Hey, what do you actual southerners think of the accents on Hart Of Dixie? Not the main character, of course, given she’s a NY transplant. There’s only one actual southerner in the cast that I know of - most of the cast is from the midwest. I think Wilson Bethel does a good job considering he’s from NH too.

Oh, and I know this is a very old zombie thread, but the kid from Slingblade’s accent is really good because Lucas Black actually *is *southern.

I thought Jane Seymour as Wallis Simpson in “The Woman he Loved” was pretty good.

Moving to Cafe Society from IMHO. Y’all.

Not strictly a southern accent, but Kelly Macdonald as Carla Jean Moss in “No Country for Old Men” spoke enough like my neighbors that I was floored to find out she was Scottish.

scabpicker, that’s exactly the one, most astonishing accent I also came in to mention. She was Midland/Odessa through and through… via Scotland.

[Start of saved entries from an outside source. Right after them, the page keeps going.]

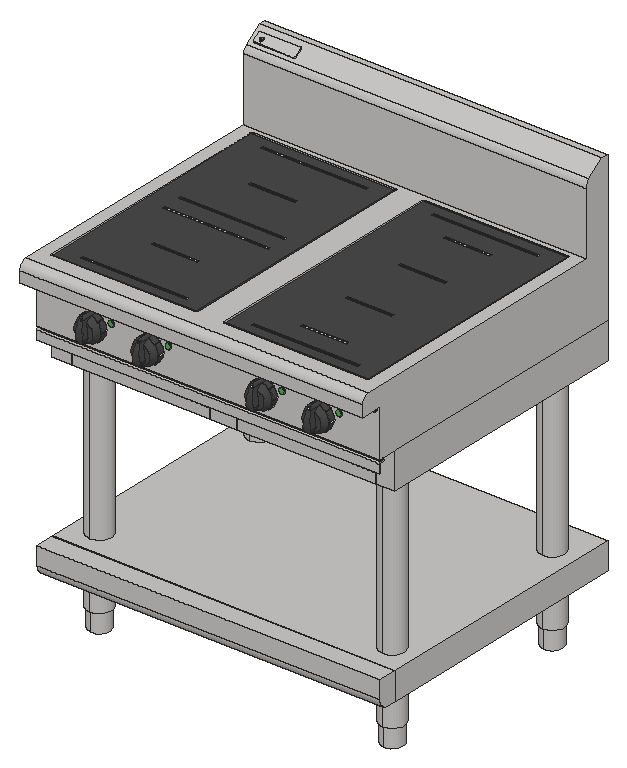
Revit family "QF_Moffat_IN8400R3F-LS_Induction Cooktop_cat", category Specialty Equipment, Revit 2019
Family settings
  Round Connector Dimension = Use Diameter
  Part Type = Normal
  Work Plane-Based = No
  Always vertical = Yes
  Cut with Voids When Loaded = No
  Shared = No
  Room Calculation Point = No
Parameters (values of type "INB8400R3F-LS_415/60/3")
  Weight in Kilograms = 105
  Watts = 17000 W
  Volts = 415 V
  URL Cutsheet = ""
  Specification by User = ""
  Specification by Manufacturer = ""
  Show Logo [instance] = yes
  Serial Number = ""
  Seismic Rating = ""
  SMACNA No = ""
  Revision Code = ""
  Phase = 3
  Number of Poles = 1
  NAFEM Spec ID Number = ""
  Model = "IN8400R3F-LS"
  Min Ckt Ampacity = 0 A
  Max Overcurrent Protection = 0 A
  Masterspec = ""
  Manufacturer = "Moffat"
  Length = 900 mm
  Item Number = ""
  Installed By = ""
  Identify Quantity as Lot = yes
  Height = 1130 mm
  HP = ""
  Furnished By = ""
  Foodservice Equipment Identifier = yes
  FL Amps = 24 A
  Electrical Remarks = ""
  Electric Connection Type = ""
  Elec Conn RI Height = 0 mm
  Elec Conn Connection Height = 0 mm
  Description = "Induction Cooktop"
  Depth = 805 mm
  Cycle = 60 Hz
  Conn Plug = ""
  Conn Conduit = yes
  CSI MasterFormat = ""
  Apparent Power = if(Phase = 3, Volts * FL Amps * 1.73, Volts * FL Amps)  # 17230.8 VA
Reference planes
  plane 1 "BACK": y = 0
  plane 2: z = 0
  plane 3 "LEFT": x = 0
  plane 4 "RIGHT": x = 900
  plane 5 "FRONT": y = -805
  plane 6 "TOP": z = 1130
  plane 7 "Center Y": x = 450
  plane 8 "Center X": y = -402.5
  plane 9: x = 65.5
  plane 10: x = 834.5
  plane 11: y = -30
  plane 12: z = 150
  plane 13: y = -100
  plane 14: y = -625
  plane 15: y = -70
  plane 16: z = 915
  plane 17: x = 770
Forms (mm)
  Extrusion 1, solid, material "QF_Metal_Stainless_Polished"
    sketch origin (0, 0, 560) x (0, 1, 0) y (0, 0, 1)
      loop
        line (0, 180) -> (0, 570) -> (-18.182, 570) -> (-60.863, 538.99)
        arc (-60.863, 538.99) -> (-67.584, 531.121) -> (-70, 521.058) r 22.165
        line (-70, 521.058) -> (-70, 355) -> (-784.417, 355)
        arc (-784.417, 355) -> (-798.971, 348.971) -> (-805, 334.417) r 20.583
        line (-805, 334.417) -> (-805, 305) -> (-749, 305) -> (-749, 180) -> (0, 180)
    from 0 to 900
  Extrusion 2, void
    sketch origin (0, -784.171, 915) x (0, 1, 0) y (-1, 0, 0)
      loop
        arc (699.341, -37.323) -> (697.584, -33.08) -> (693.341, -31.323) r 6
        line (693.341, -31.323) -> (45.245, -31.323)
        arc (45.245, -31.323) -> (41.002, -33.08) -> (39.245, -37.323) r 6
        line (39.245, -37.323) -> (39.245, -410.105)
        arc (39.245, -410.105) -> (41.002, -414.347) -> (45.245, -416.105) r 6
        line (45.245, -416.105) -> (693.341, -416.105)
        arc (693.341, -416.105) -> (697.584, -414.347) -> (699.341, -410.105) r 6
        line (699.341, -410.105) -> (699.341, -37.323)
      loop
        line (699.341, -862.677) -> (699.341, -489.895)
        arc (699.341, -489.895) -> (697.584, -485.653) -> (693.341, -483.895) r 6
        line (693.341, -483.895) -> (45.245, -483.895)
        arc (45.245, -483.895) -> (41.002, -485.653) -> (39.245, -489.895) r 6
        line (39.245, -489.895) -> (39.245, -862.677)
        arc (39.245, -862.677) -> (41.002, -866.92) -> (45.245, -868.677) r 6
        line (45.245, -868.677) -> (693.341, -868.677)
        arc (693.341, -868.677) -> (697.584, -866.92) -> (699.341, -862.677) r 6
    from 0 to -9.5
  Extrusion 3, solid, material "QF_Plastic_Black_Smooth"
    sketch origin (0, -784.171, 915) x (0, 1, 0) y (-1, 0, 0)
      loop
        line (695.341, -410.105) -> (695.341, -37.323)
        arc (695.341, -37.323) -> (694.755, -35.908) -> (693.341, -35.323) r 2
        line (693.341, -35.323) -> (45.245, -35.323)
        arc (45.245, -35.323) -> (43.831, -35.908) -> (43.245, -37.323) r 2
        line (43.245, -37.323) -> (43.245, -410.105)
        arc (43.245, -410.105) -> (43.831, -411.519) -> (45.245, -412.105) r 2
        line (45.245, -412.105) -> (693.341, -412.105)
        arc (693.341, -412.105) -> (694.755, -411.519) -> (695.341, -410.105) r 2
      loop
        line (667.194, -86.598) -> (661.194, -86.598) -> (661.194, -363.75) -> (667.194, -363.75) -> (667.194, -86.598)
      loop
        line (526.611, -163.924) -> (526.611, -283.924) -> (532.611, -283.924) -> (532.611, -163.924) -> (526.611, -163.924)
      loop
        line (398.444, -86.598) -> (392.444, -86.598) -> (392.444, -363.75) -> (398.444, -363.75) -> (398.444, -86.598)
      loop
        line (345.944, -86.598) -> (339.944, -86.598) -> (339.944, -363.75) -> (345.944, -363.75) -> (345.944, -86.598)
      loop
        line (206.611, -163.924) -> (206.611, -283.924) -> (212.611, -283.924) -> (212.611, -163.924) -> (206.611, -163.924)
      loop
        line (77.194, -86.598) -> (71.194, -86.598) -> (71.194, -363.75) -> (77.194, -363.75) -> (77.194, -86.598)
      loop
        arc (695.341, -489.895) -> (694.755, -488.481) -> (693.341, -487.895) r 2
        line (693.341, -487.895) -> (45.245, -487.895)
        arc (45.245, -487.895) -> (43.831, -488.481) -> (43.245, -489.895) r 2
        line (43.245, -489.895) -> (43.245, -862.677)
        arc (43.245, -862.677) -> (43.831, -864.092) -> (45.245, -864.677) r 2
        line (45.245, -864.677) -> (693.341, -864.677)
        arc (693.341, -864.677) -> (694.755, -864.092) -> (695.341, -862.677) r 2
        line (695.341, -862.677) -> (695.341, -489.895)
      loop
        line (667.194, -813.402) -> (667.194, -536.25) -> (661.194, -536.25) -> (661.194, -813.402) -> (667.194, -813.402)
      loop
        line (601.611, -736.076) -> (607.611, -736.076) -> (607.611, -616.076) -> (601.611, -616.076) -> (601.611, -736.076)
      loop
        line (279.111, -736.076) -> (285.111, -736.076) -> (285.111, -616.076) -> (279.111, -616.076) -> (279.111, -736.076)
      loop
        line (77.194, -813.402) -> (77.194, -536.25) -> (71.194, -536.25) -> (71.194, -813.402) -> (77.194, -813.402)
      loop
        line (454.501, -736.076) -> (460.501, -736.076) -> (460.501, -616.076) -> (454.501, -616.076) -> (454.501, -736.076)
      loop
        line (131.211, -736.076) -> (137.211, -736.076) -> (137.211, -616.076) -> (131.211, -616.076) -> (131.211, -736.076)
    from 0 to -9.5
  Extrusion 4, solid, material "QF_Metal_Stainless_Polished"
    sketch origin (0, 0, 600) x (0, 1, 0) y (0, 0, 1)
      loop
        line (-739.467, 140) -> (-738.192, 134.838)
        arc (-738.192, 134.838) -> (-738.307, 134.302) -> (-738.799, 134.063) r 0.625
        line (-738.799, 134.063) -> (-746.111, 134.063)
        arc (-746.111, 134.063) -> (-748.011, 133.276) -> (-748.797, 131.377) r 2.686
        line (-748.797, 131.377) -> (-748.797, 107.627) -> (-747.197, 107.627) -> (-747.197, 131.242)
        arc (-747.197, 131.242) -> (-746.84, 132.105) -> (-745.976, 132.463) r 1.221
        line (-745.976, 132.463) -> (-738.755, 132.463)
        arc (-738.755, 132.463) -> (-737.028, 133.304) -> (-736.625, 135.182) r 2.194
        line (-736.625, 135.182) -> (-737.815, 140) -> (-739.467, 140)
    from 0 to 900
  Extrusion 5, solid, material "QF_Plastic_Black_Smooth"
    sketch origin (0, -749, 741.875) x (0, 0, 1) y (-1, 0, 0)
      loop
        circle (112.843, -13.157) r 5
      loop
        circle (112.843, -886.843) r 5
    from 0 to 1.6
  Extrusion 6, solid, material "QF_Metal_Stainless_Polished"
    sketch origin (450, -699, 645) x (0, 1, 0) y (1, 0, 0)
      loop
        circle (669, 320) r 6.35
    from 0 to 10
  Extrusion 7, solid, material "QF_Metal_Stainless_Polished"
    sketch origin (0, -699, 645) x (1, 0, 0) y (0, -1, 0)
      loop
        line (0, -699) -> (900, -699) -> (900, 0) -> (849.2, 0) -> (849.2, -25.4) -> (485.8, -25.4) -> (485.8, 0) -> (414.2, 0) -> (414.2, -25.4) -> (50.8, -25.4) -> (50.8, 0) -> (0, 0) -> (0, -699)
    from 0 to -95
  Extrusion 8, solid, material "QF_Metal_Stainless_Polished"
    sketch origin (50.8, -30, 645) x (0, 1, 0) y (0, 0, 1)
      loop
        line (-669, 0) -> (-643.6, 0) -> (-643.6, 26.45) -> (-669, 26.45) -> (-669, 0)
      loop
        line (-669, 32.45) -> (-643.6, 32.45) -> (-643.6, 66.4) -> (-669, 66.4) -> (-669, 32.45)
      loop
        line (-669, 67.4) -> (-643.6, 67.4) -> (-643.6, 95) -> (-669, 95) -> (-669, 67.4)
    from 0 to 363.4
  Extrusion 9, solid, material "QF_Metal_Stainless_Polished"
    sketch origin (900, 0, 560) x (-1, 0, 0) y (0, -1, 0)
      loop
        line (536.25, 122.976) -> (536.25, 116.976) -> (813.402, 116.976) -> (813.402, 122.976) -> (536.25, 122.976)
      loop
        line (736.076, 251.56) -> (736.076, 257.56) -> (616.076, 257.56) -> (616.076, 251.56) -> (736.076, 251.56)
      loop
        line (813.402, 385.726) -> (813.402, 391.726) -> (536.25, 391.726) -> (536.25, 385.726) -> (813.402, 385.726)
      loop
        line (813.402, 438.226) -> (813.402, 444.226) -> (536.25, 444.226) -> (536.25, 438.226) -> (813.402, 438.226)
      loop
        line (736.076, 571.56) -> (736.076, 577.56) -> (616.076, 577.56) -> (616.076, 571.56) -> (736.076, 571.56)
      loop
        line (536.25, 712.976) -> (536.25, 706.976) -> (813.402, 706.976) -> (813.402, 712.976) -> (536.25, 712.976)
      loop
        line (86.598, 712.976) -> (86.598, 706.976) -> (363.75, 706.976) -> (363.75, 712.976) -> (86.598, 712.976)
      loop
        line (163.924, 652.959) -> (163.924, 646.959) -> (283.924, 646.959) -> (283.924, 652.959) -> (163.924, 652.959)
      loop
        line (163.924, 505.06) -> (163.924, 499.06) -> (283.924, 499.06) -> (283.924, 505.06) -> (163.924, 505.06)
      loop
        line (163.924, 329.669) -> (163.924, 323.669) -> (283.924, 323.669) -> (283.924, 329.669) -> (163.924, 329.669)
      loop
        line (163.924, 182.56) -> (163.924, 176.56) -> (283.924, 176.56) -> (283.924, 182.56) -> (163.924, 182.56)
      loop
        line (86.598, 122.976) -> (86.598, 116.976) -> (363.75, 116.976) -> (363.75, 122.976) -> (86.598, 122.976)
    from 355 to 345.5
  Extrusion 10, solid, material "QF_Paint_Green"
    sketch origin (63.231, -748.999, 713.75) x (0, 0, 1) y (-1, 0, 0)
      loop
        circle (100.3, -282.5) r 7.15
    from 0 to 1.6
  Extrusion 11, solid, material "QF_Plastic_Black_Smooth"
    sketch origin (75, -748.999, 725.625) x (0, 0, 1) y (-1, 0, 0)
      loop
        circle (112.843, -225) r 5
    from 0 to 1.6
  Extrusion 12, solid, material "QF_Paint_Green"
    sketch origin (-86.769, -748.999, 713.75) x (0, 0, 1) y (-1, 0, 0)
      loop
        circle (100.3, -282.5) r 7.15
    from 0 to 1.6
  Extrusion 13, solid, material "QF_Plastic_Black_Smooth"
    sketch origin (-75, -748.999, 725.625) x (0, 0, 1) y (-1, 0, 0)
      loop
        circle (112.843, -225) r 5
    from 0 to 1.6
  Extrusion 14, solid, material "QF_Paint_Green"
    sketch origin (511.981, -748.999, 713.75) x (0, 0, 1) y (-1, 0, 0)
      loop
        circle (100.3, -282.5) r 7.15
    from 0 to 1.6
  Extrusion 15, solid, material "QF_Plastic_Black_Smooth"
    sketch origin (523.75, -748.999, 725.625) x (0, 0, 1) y (-1, 0, 0)
      loop
        circle (112.843, -225) r 5
    from 0 to 1.6
  Extrusion 16, solid, material "QF_Paint_Green"
    sketch origin (361.981, -748.999, 713.75) x (0, 0, 1) y (-1, 0, 0)
      loop
        circle (100.3, -282.5) r 7.15
    from 0 to 1.6
  Extrusion 17, solid, material "QF_Plastic_Black_Smooth"
    sketch origin (373.75, -748.999, 725.625) x (0, 0, 1) y (-1, 0, 0)
      loop
        circle (112.843, -225) r 5
    from 0 to 1.6
  Extrusion 18, solid, material "QF_Metal_Stainless_Polished"
    sketch origin (849.2, -30, 645) x (0, 1, 0) y (0, 0, -1)
      loop
        line (-669, 0) -> (-669, -26.45) -> (-643.6, -26.45) -> (-643.6, 0) -> (-669, 0)
      loop
        line (-669, -32.45) -> (-669, -66.4) -> (-643.6, -66.4) -> (-643.6, -32.45) -> (-669, -32.45)
      loop
        line (-669, -67.4) -> (-669, -95) -> (-643.6, -95) -> (-643.6, -67.4) -> (-669, -67.4)
    from 0 to 363.4
Cuts and joins
  Extrusion 2 cuts Extrusion 1
Lines and regions (mm)
  symbolic lines
    curve 1: line (0, 0, 0) -> (900, 0, 0)
    curve 2: line (0, -805, 0) -> (0, 0, 0)
    curve 3: line (900, -805, 0) -> (0, -805, 0)
    curve 4: line (900, 0, 0) -> (900, -805, 0)
    curve 5: line (0, -18.182, 0) -> (900, -18.182, 0)
    curve 6: line (0, -70, 0) -> (450, -70, 0)
    curve 7: line (37.323, -84.83, 0) -> (410.105, -84.83, 0)
    curve 8: arc (410.105, -84.83, 0) -> (414.347, -86.587, 0) -> (416.105, -90.83, 0) r 6
    curve 9: line (416.105, -90.83, 0) -> (416.105, -738.926, 0)
    curve 10: arc (416.105, -738.926, 0) -> (414.347, -743.168, 0) -> (410.105, -744.926, 0) r 6
    curve 11: line (410.105, -744.926, 0) -> (37.323, -744.926, 0)
    curve 12: arc (37.323, -744.926, 0) -> (33.08, -743.168, 0) -> (31.323, -738.926, 0) r 6
    curve 13: line (31.323, -738.926, 0) -> (31.323, -90.83, 0)
    curve 14: arc (31.323, -90.83, 0) -> (33.08, -86.587, 0) -> (37.323, -84.83, 0) r 6
    curve 15: line (410.105, -88.83, 0) -> (37.323, -88.83, 0)
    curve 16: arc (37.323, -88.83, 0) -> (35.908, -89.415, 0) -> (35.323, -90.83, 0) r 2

Oh, yes. She’s also very good as a Russian aristocrat in the recent Anna Karenina remake.

If I didn’t know better, from watchign Secondhand Lions I wouldn’t have guessed Michael Caine was english.

Spoke has mentioned the excellent accents of Robert Duvall and of Laura Dern; those accents are on good display, along with the authentic Mississippi accent of Dern’s mother Diane Ladd, in the 1991 movie Rambling Rose.

There are a lot of actors doing New Orleans accents in 1987’s The Big Easy, but I can’t testify as to the authenticity of their work. It sounds nice, though!